Obviously, you too would visit this place a lot because logic tells us that grabbing food while already out dog walking is easier than making 2 trips. This is especially true when the meal being fed is breakfast (first thing in the morning is no time to go without food or peeing). And you can totally understand why this place has been a NYC staple for me, right? Schubert and I seriously walk into this establishment 3-6 times a week…NO LESS THAN 3! The men who worked/managed David’s knew us by name and even started playing a Schubert piece when we walked in one day. If that’s not Deli love, I don’t know what is.
Now that you’ve been versed on my problem with this blasphemous rule, it’s easy to grasp why after I saw this- on a morning I was more in love with New York City than ever before- it was decided this sign was a non-literal sign to me from the gods. What were they saying? They were, of course, telling me that I needed to relocate from NYC to Denver in September. DIDN’T SEE THAT COMING, DID YOU!?
SURPRISE MUTHA’ F*CKERS!!!
Seriously, this story is real, but the other real story is that major there was a major hiccup in my workplace that made me unhappy around the same time that my lease was ending. I’ve had my eye on Denver for a long time, it was in my top 3 options when I decided to move from Arkansas to New York back in 2011. So, while this sounds sudden to you, it’s not but I’d love to hear what my your judgements might be. This won’t stop me from grabbing breakfast wraps and roast beef sandwiches from David’s during my last weeks here, I mean they are so legit that The New York Times even featured them, but it did make me stop rethinking my move.

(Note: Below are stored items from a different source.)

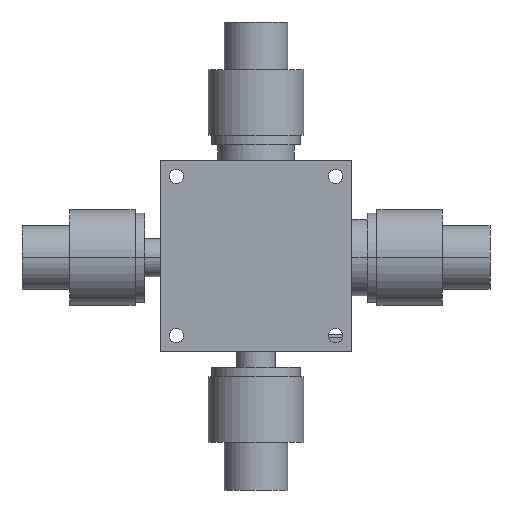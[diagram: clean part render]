
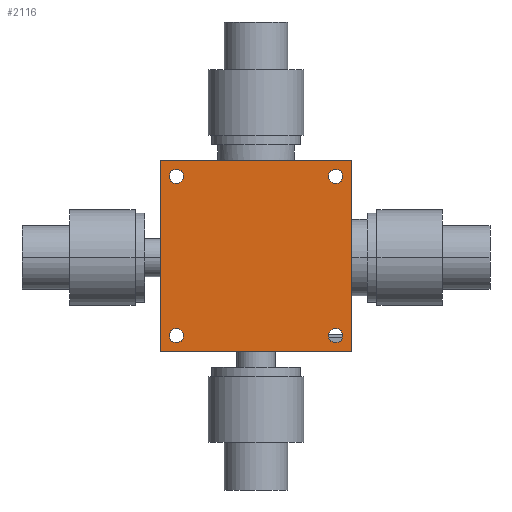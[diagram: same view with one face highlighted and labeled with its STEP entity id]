
A CAD part, front view. The second image highlights one B-rep face of the part: STEP entity #2116.
In plain terms, the highlighted planar face has unit normal (0, -1, 0).
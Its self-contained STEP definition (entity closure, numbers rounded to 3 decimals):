
#961 = CARTESIAN_POINT ( 'NONE',  ( -27.25, 0., -25. ) ) ;
#1006 = DIRECTION ( 'NONE',  ( 1., 0., 0. ) ) ;
#1007 = DIRECTION ( 'NONE',  ( 0., 1., 0. ) ) ;
#1008 = AXIS2_PLACEMENT_3D ( 'NONE', #1031, #1007, #1006 ) ;
#1017 = DIRECTION ( 'NONE',  ( 1., 0., 0. ) ) ;
#1018 = DIRECTION ( 'NONE',  ( 0., 1., 0. ) ) ;
#1019 = CARTESIAN_POINT ( 'NONE',  ( -25., 0., -25. ) ) ;
#1020 = AXIS2_PLACEMENT_3D ( 'NONE', #1019, #1018, #1017 ) ;
#1021 = CIRCLE ( 'NONE', #1020, 2.25 ) ;
#1022 = CARTESIAN_POINT ( 'NONE',  ( -22.75, 0., -25. ) ) ;
#1031 = CARTESIAN_POINT ( 'NONE',  ( 25., 0., -25. ) ) ;
#1079 = CIRCLE ( 'NONE', #1008, 2.25 ) ;
#1087 = DIRECTION ( 'NONE',  ( 1., 0., 0. ) ) ;
#1088 = DIRECTION ( 'NONE',  ( 0., 1., 0. ) ) ;
#1089 = AXIS2_PLACEMENT_3D ( 'NONE', #1141, #1088, #1087 ) ;
#1100 = CARTESIAN_POINT ( 'NONE',  ( 22.75, 0., -25. ) ) ;
#1101 = CARTESIAN_POINT ( 'NONE',  ( 27.25, 0., -25. ) ) ;
#1141 = CARTESIAN_POINT ( 'NONE',  ( -25., 0., 25. ) ) ;
#1142 = CIRCLE ( 'NONE', #1089, 2.25 ) ;
#1857 = ORIENTED_EDGE ( 'NONE', *, *, #2204, .T. ) ;
#1858 = ORIENTED_EDGE ( 'NONE', *, *, #1859, .T. ) ;
#1859 = EDGE_CURVE ( 'NONE', #2221, #1860, #3244, .T. ) ;
#1860 = VERTEX_POINT ( 'NONE', #3240 ) ;
#1861 = ORIENTED_EDGE ( 'NONE', *, *, #1862, .T. ) ;
#1862 = EDGE_CURVE ( 'NONE', #1860, #1895, #3239, .T. ) ;
#1878 = EDGE_CURVE ( 'NONE', #1879, #1926, #3343, .T. ) ;
#1879 = VERTEX_POINT ( 'NONE', #3272 ) ;
#1888 = EDGE_LOOP ( 'NONE', ( #1889, #1891 ) ) ;
#1889 = ORIENTED_EDGE ( 'NONE', *, *, #2219, .T. ) ;
#1891 = ORIENTED_EDGE ( 'NONE', *, *, #1878, .T. ) ;
#1892 = EDGE_LOOP ( 'NONE', ( #1893, #1857, #1858, #1861 ) ) ;
#1893 = ORIENTED_EDGE ( 'NONE', *, *, #1894, .T. ) ;
#1894 = EDGE_CURVE ( 'NONE', #1895, #2220, #3265, .T. ) ;
#1895 = VERTEX_POINT ( 'NONE', #3256 ) ;
#1923 = VERTEX_POINT ( 'NONE', #3443 ) ;
#1924 = VERTEX_POINT ( 'NONE', #3442 ) ;
#1926 = VERTEX_POINT ( 'NONE', #3419 ) ;
#2110 = EDGE_CURVE ( 'NONE', #5774, #5529, #3432, .T. ) ;
#2116 = ADVANCED_FACE ( 'NONE', ( #3455, #3463, #3459, #3457, #3456 ), #3466, .F. ) ;
#2117 = EDGE_LOOP ( 'NONE', ( #2118, #2119 ) ) ;
#2118 = ORIENTED_EDGE ( 'NONE', *, *, #2128, .T. ) ;
#2119 = ORIENTED_EDGE ( 'NONE', *, *, #5761, .T. ) ;
#2120 = EDGE_LOOP ( 'NONE', ( #2121, #2122 ) ) ;
#2121 = ORIENTED_EDGE ( 'NONE', *, *, #2110, .T. ) ;
#2122 = ORIENTED_EDGE ( 'NONE', *, *, #5773, .T. ) ;
#2123 = EDGE_LOOP ( 'NONE', ( #2124, #2125 ) ) ;
#2124 = ORIENTED_EDGE ( 'NONE', *, *, #2133, .T. ) ;
#2125 = ORIENTED_EDGE ( 'NONE', *, *, #5769, .T. ) ;
#2128 = EDGE_CURVE ( 'NONE', #5759, #5760, #3470, .T. ) ;
#2133 = EDGE_CURVE ( 'NONE', #1924, #1923, #3479, .T. ) ;
#2204 = EDGE_CURVE ( 'NONE', #2220, #2221, #3639, .T. ) ;
#2219 = EDGE_CURVE ( 'NONE', #1926, #1879, #3621, .T. ) ;
#2220 = VERTEX_POINT ( 'NONE', #3616 ) ;
#2221 = VERTEX_POINT ( 'NONE', #3615 ) ;
#3236 = DIRECTION ( 'NONE',  ( -1., 0., 0. ) ) ;
#3237 = VECTOR ( 'NONE', #3236, 1000. ) ;
#3238 = CARTESIAN_POINT ( 'NONE',  ( -30., 0., 30. ) ) ;
#3239 = LINE ( 'NONE', #3238, #3237 ) ;
#3240 = CARTESIAN_POINT ( 'NONE',  ( 30., 0., 30. ) ) ;
#3241 = DIRECTION ( 'NONE',  ( 0., 0., 1. ) ) ;
#3242 = VECTOR ( 'NONE', #3241, 1000. ) ;
#3243 = CARTESIAN_POINT ( 'NONE',  ( 30., 0., -30. ) ) ;
#3244 = LINE ( 'NONE', #3243, #3242 ) ;
#3256 = CARTESIAN_POINT ( 'NONE',  ( -30., 0., 30. ) ) ;
#3257 = DIRECTION ( 'NONE',  ( 0., 0., -1. ) ) ;
#3258 = VECTOR ( 'NONE', #3257, 1000. ) ;
#3259 = CARTESIAN_POINT ( 'NONE',  ( -30., 0., -30. ) ) ;
#3265 = LINE ( 'NONE', #3259, #3258 ) ;
#3272 = CARTESIAN_POINT ( 'NONE',  ( 22.75, 0., 25. ) ) ;
#3339 = DIRECTION ( 'NONE',  ( 1., 0., 0. ) ) ;
#3340 = DIRECTION ( 'NONE',  ( 0., 1., 0. ) ) ;
#3341 = CARTESIAN_POINT ( 'NONE',  ( 25., 0., 25. ) ) ;
#3342 = AXIS2_PLACEMENT_3D ( 'NONE', #3341, #3340, #3339 ) ;
#3343 = CIRCLE ( 'NONE', #3342, 2.25 ) ;
#3419 = CARTESIAN_POINT ( 'NONE',  ( 27.25, 0., 25. ) ) ;
#3424 = DIRECTION ( 'NONE',  ( 0., 1., 0. ) ) ;
#3426 = CARTESIAN_POINT ( 'NONE',  ( -25., 0., -25. ) ) ;
#3431 = AXIS2_PLACEMENT_3D ( 'NONE', #3426, #3424, #3460 ) ;
#3432 = CIRCLE ( 'NONE', #3431, 2.25 ) ;
#3442 = CARTESIAN_POINT ( 'NONE',  ( -22.75, 0., 25. ) ) ;
#3443 = CARTESIAN_POINT ( 'NONE',  ( -27.25, 0., 25. ) ) ;
#3455 = FACE_BOUND ( 'NONE', #2117, .T. ) ;
#3456 = FACE_OUTER_BOUND ( 'NONE', #1892, .T. ) ;
#3457 = FACE_BOUND ( 'NONE', #1888, .T. ) ;
#3459 = FACE_BOUND ( 'NONE', #2123, .T. ) ;
#3460 = DIRECTION ( 'NONE',  ( 1., 0., 0. ) ) ;
#3463 = FACE_BOUND ( 'NONE', #2120, .T. ) ;
#3465 = DIRECTION ( 'NONE',  ( 1., 0., 0. ) ) ;
#3466 = PLANE ( 'NONE',  #3468 ) ;
#3467 = DIRECTION ( 'NONE',  ( 0., 1., 0. ) ) ;
#3468 = AXIS2_PLACEMENT_3D ( 'NONE', #3469, #3467, #3465 ) ;
#3469 = CARTESIAN_POINT ( 'NONE',  ( -30., 0., -30. ) ) ;
#3470 = CIRCLE ( 'NONE', #3473, 2.25 ) ;
#3471 = CARTESIAN_POINT ( 'NONE',  ( -25., 0., 25. ) ) ;
#3473 = AXIS2_PLACEMENT_3D ( 'NONE', #3477, #3498, #3480 ) ;
#3476 = DIRECTION ( 'NONE',  ( 0., 1., 0. ) ) ;
#3477 = CARTESIAN_POINT ( 'NONE',  ( 25., 0., -25. ) ) ;
#3479 = CIRCLE ( 'NONE', #3481, 2.25 ) ;
#3480 = DIRECTION ( 'NONE',  ( 1., 0., 0. ) ) ;
#3481 = AXIS2_PLACEMENT_3D ( 'NONE', #3471, #3476, #3482 ) ;
#3482 = DIRECTION ( 'NONE',  ( 1., 0., 0. ) ) ;
#3498 = DIRECTION ( 'NONE',  ( 0., 1., 0. ) ) ;
#3615 = CARTESIAN_POINT ( 'NONE',  ( 30., 0., -30. ) ) ;
#3616 = CARTESIAN_POINT ( 'NONE',  ( -30., 0., -30. ) ) ;
#3617 = DIRECTION ( 'NONE',  ( 1., 0., 0. ) ) ;
#3618 = DIRECTION ( 'NONE',  ( 0., 1., 0. ) ) ;
#3619 = CARTESIAN_POINT ( 'NONE',  ( 25., 0., 25. ) ) ;
#3620 = AXIS2_PLACEMENT_3D ( 'NONE', #3619, #3618, #3617 ) ;
#3621 = CIRCLE ( 'NONE', #3620, 2.25 ) ;
#3632 = DIRECTION ( 'NONE',  ( 1., 0., 0. ) ) ;
#3633 = VECTOR ( 'NONE', #3632, 1000. ) ;
#3634 = CARTESIAN_POINT ( 'NONE',  ( -30., 0., -30. ) ) ;
#3639 = LINE ( 'NONE', #3634, #3633 ) ;
#5529 = VERTEX_POINT ( 'NONE', #961 ) ;
#5759 = VERTEX_POINT ( 'NONE', #1101 ) ;
#5760 = VERTEX_POINT ( 'NONE', #1100 ) ;
#5761 = EDGE_CURVE ( 'NONE', #5760, #5759, #1079, .T. ) ;
#5769 = EDGE_CURVE ( 'NONE', #1923, #1924, #1142, .T. ) ;
#5773 = EDGE_CURVE ( 'NONE', #5529, #5774, #1021, .T. ) ;
#5774 = VERTEX_POINT ( 'NONE', #1022 ) ;

Summary: Sorry it’s been a LONG while since my last post but, thanks to being in-between jobs and wanting to live up NYC before leaving, I’m about to start cranking them out daily. If you had forgotten about me, REMEMBER!. And don’t worry, 2 years in NYC was all the universe wants for Liz for now, but there will be plenty of Fabulously Awkward times to be had in Colorado, if not more since they’ve legalized Pot there.